What technologies and processes are necessary to provide a reliable, efficient and resilient energy infrastructure?
In an increasingly decentralized energy network, here are some of the technologies and processes utility companies can implement to prepare for change:
1. Grid-edge resources with coordinating controls and new business models
- More DERs are being deployed behind-the-meter at various stages of distribution: at the customer’s premises, at community level, at the utility level or aggregated at the fleet level. As a result, a complex array of ownership and operating models is becoming common.
- The rise of this spectrum of DER activity calls for the layering of an advanced grid that can show the physical network of flowing electrons, the transaction value for utilities, interact with DER participants as prosumers, and so on. To coordinate objectives and constraints, this platform should encompass a complete range of business models – including ownership, operating and revenue from Market-Based Earnings (MBE).
2. A sophisticated transactive energy management software
- With the proliferation of DERs, mechanisms allow for communication between the DER and the rest of the energy system to become increasingly necessary in order for distribution planners to make use of the DER’s capabilities and plan for their impacts.
- Moving past command and control of resources, coordination of those resources through use of economic signals brings us to a potential state in which transactions between the DER and network operators reduce system costs and mitigate system constraints. This approach to energy coordination is generally referred to as transactive energy.
- Policy changes are key to enabling shifts toward new DER-to-Network business models and move the grid past net energy metering or uncoordinated demand response. Changes such as FERC 2222, which allows the DER to participate in bulk markets, as well as Ofgem’s evaluation of flexibility, pave the way for the DER to be compensated and utilized based on its value across bulk and distribution systems.
- Making optimal physical and economic use of these resources may be done through better alignment of those communication systems and policies. As policy allows for DERs to participate in more markets, fully realizing those resources’ capabilities requires technological systems to be implemented that coordinate network operation and market participation.

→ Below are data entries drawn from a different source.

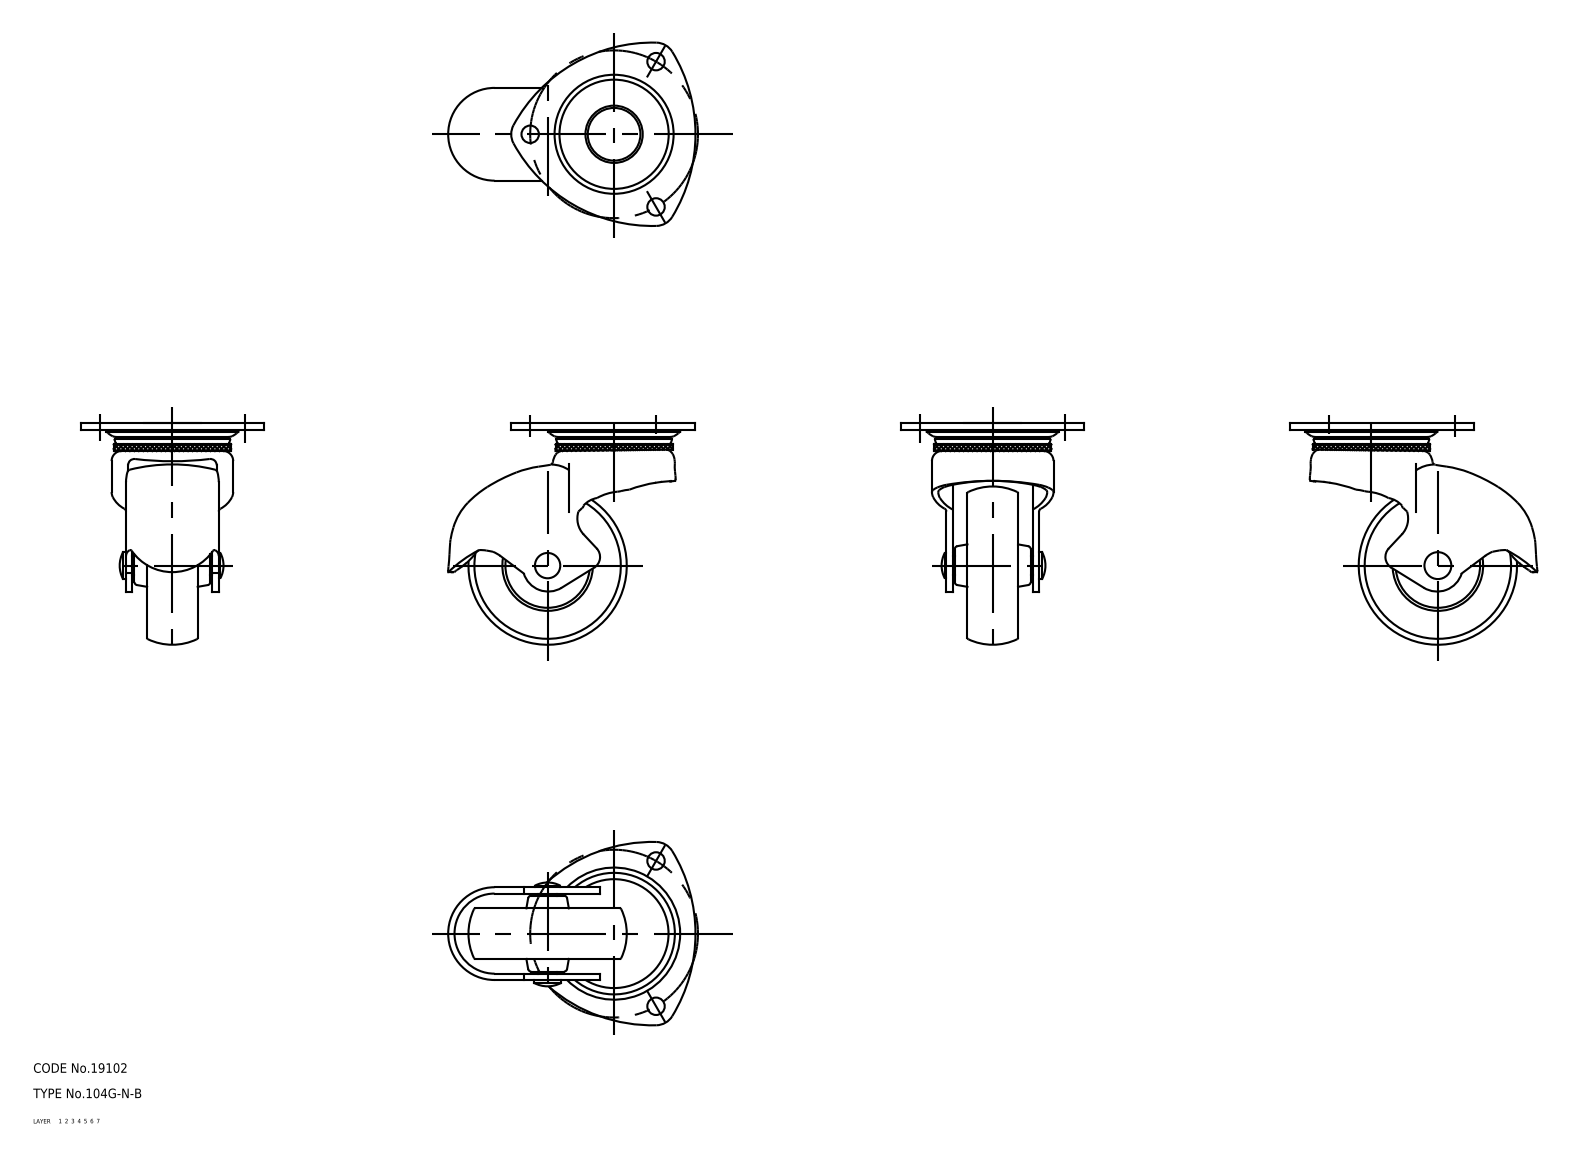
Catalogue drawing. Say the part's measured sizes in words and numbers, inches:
The part is named "wheel; mounting plate; main shaft; axle (+1 more)". Its 3-D file was written by "CADfix (AUTOMOTIVE_DESIGN)". It is 5 solids with 251 faces: 0 planar, 0 cylindrical and 251 other. Overall it measures 3.075 by 2.756 by 2.281 inches. Its volume is 3.258 cubic inches and its surface area 42.64 square inches.
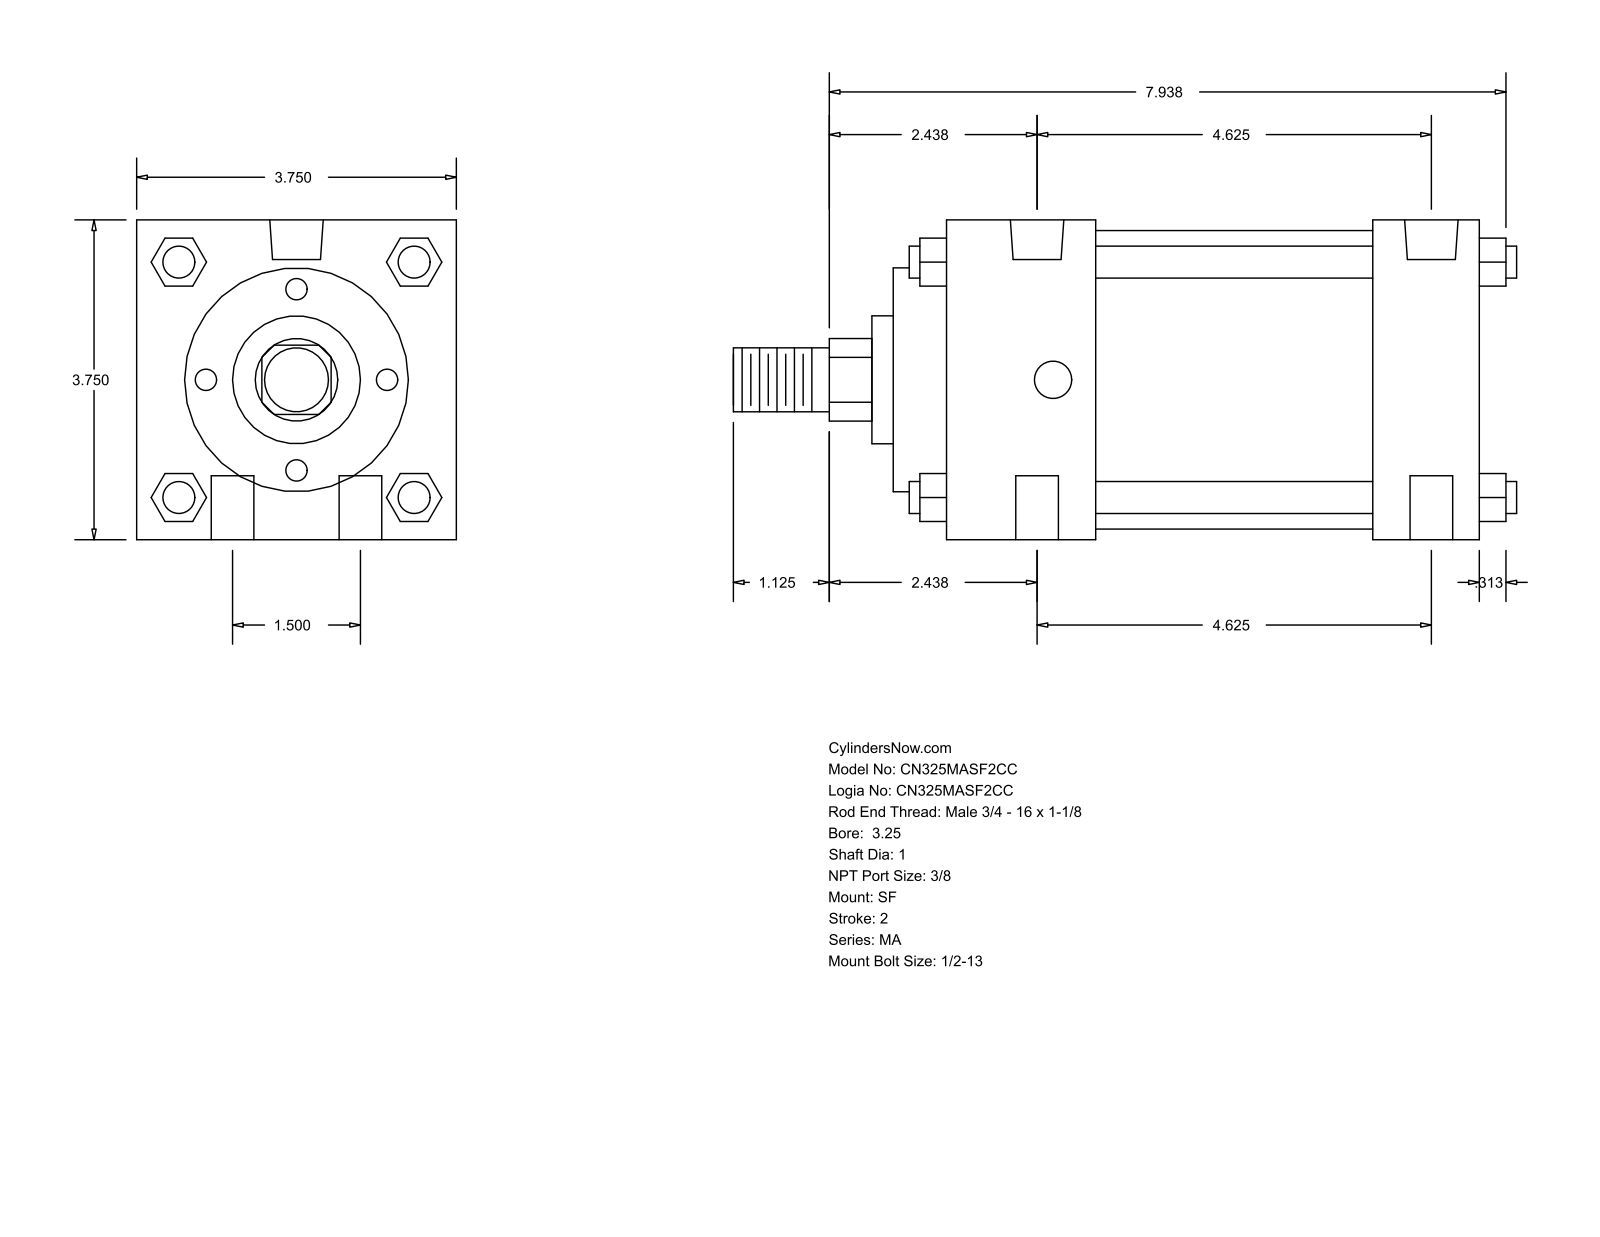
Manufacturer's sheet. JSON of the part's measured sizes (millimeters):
{"part_name": "MA_SF__0325_1", "step_written_by": "GSSL Pune (CONFIG_CONTROL_DESIGN)", "units": "millimeters", "bodies": {"solids": 0, "faces": 126, "planar": 95, "cylindrical": 31, "other": 0}, "overall_size": [233.36, 95.25, 95.25], "round_holes": [[12.7, 4], [11.11, 2], [15.93, 2]], "round_bosses_or_shafts": [[9.53, 4], [88.9, 1], [66.67, 1], [38.1, 1], [25.4, 1], [19.05, 1]], "partial_cylinders_radius": [[12.29, 1]], "face_to_face_distances": [95.24, 158.76, 127.01, 31.75, 44.46, 82.55, 114.3, 15.87, 60.33, 142.88], "hole_center_spacings": [19.05, 119.01, 117.48, 38.1, 123.5, 107.95]}
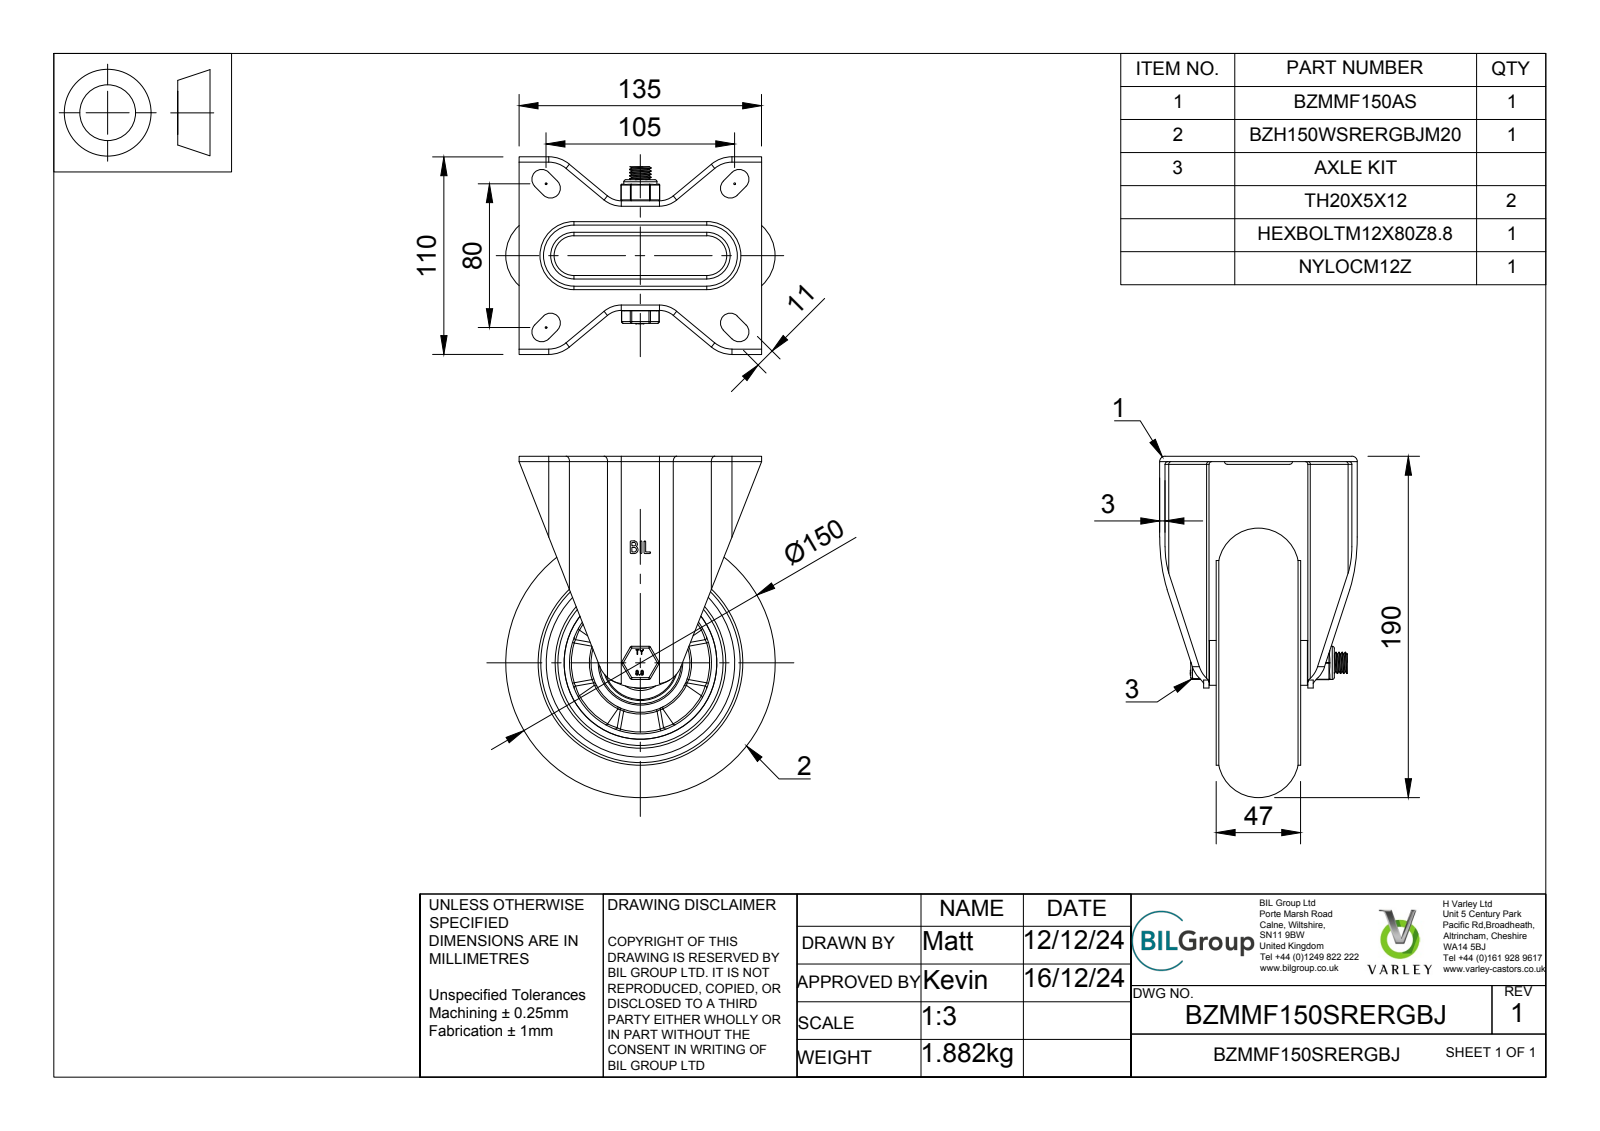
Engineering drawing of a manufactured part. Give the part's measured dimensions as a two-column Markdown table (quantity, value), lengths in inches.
| quantity | value |
| --- | --- |
| part name | BZMMF150SRERGBJ v3; BZMMF150AS - 55 v1; ZINC PLATED, PRESSED STEEL BRACKET; BZH150WSRERGBJM20 v1 (+7 more) |
| STEP written by | Autodesk Translation Framework v13.20.0.188 (AP242_MANAGED_MODEL_BASED_3D_ENGINEERING_MIM_LF) |
| units | inches |
| bodies | 35 solids, 1258 faces (438 planar, 238 cylindrical, 582 other) |
| overall size | 7.48 × 5.906 × 4.331 |
| volume | 41.02 in³ |
| surface area | 336.1 in² |
| round holes (diameter × count) | 0.472 × 1, 0.482 × 1, 0.492 × 1, 0.551 × 1, 0.787 × 1, 1.122 × 1, 1.213 × 1, 1.587 × 1, 1.594 × 1, 1.654 × 1, 1.693 × 1, 1.85 × 1 |
| round bosses / shafts (diameter × count) | 4.488 × 1, 3.74 × 1, 2.165 × 1, 1.606 × 1, 1.232 × 1, 1.063 × 1, 0.984 × 1, 0.906 × 1 |
| partial cylindrical surfaces (radius × count) | 0.02 × 18, 0.039 × 12, 0.059 × 12, 0.118 × 8, 0.217 × 8, 0.079 × 4, 0.236 × 4, 0.354 × 4 |
| main face-to-face distances | 0.118, 0.974, 0.856, 0.315, 1.092, 2.283, 0.433, 0.197, 1.969, 1.535 |

3. A locational marginal value approach to transactive energy
- The traditional Bulk Electric System (BES) has established norms and laid a strong foundation for transactive energy mechanisms. The bulk system operators perform security constrained optimal power flow analyses on the transmission networks to compute generator dispatch schedules and Locational Marginal Prices (LMP). These prices reflect the quantified value of energy and ancillary services to the BES, considering factors such as the cost of generation and capacity constraints.
- Compensating and operating DERs calls for a similar approach to optimize dispatch and determine compensation based on locational and marginal valuation of net benefits to the bulk and distribution systems.
- Dispatch and LMP pricing methods can be extended from the BES to the distribution system, in order to capture distribution level constraints and benefits from DERs. These pricing mechanisms go beyond fixed price or time of day compensation for the DER, and incorporate DER system impacts including losses and congestion relief. Given sufficient data, the distribution LMP provides constantly updated time and location-specific quantification of DER value.
- Final use of these prices and dispatch advancements is to be determined. Certain users may want 5-minute prices and fully configurable bids and offers. Others may want annual contracts and for a third-party to manage bids and offers. The range of business models these advancements enable will allow new market participants to enter and specialize in optimizing their parts of the energy system value chain, ranging from customer management, to price risk, to network constraints.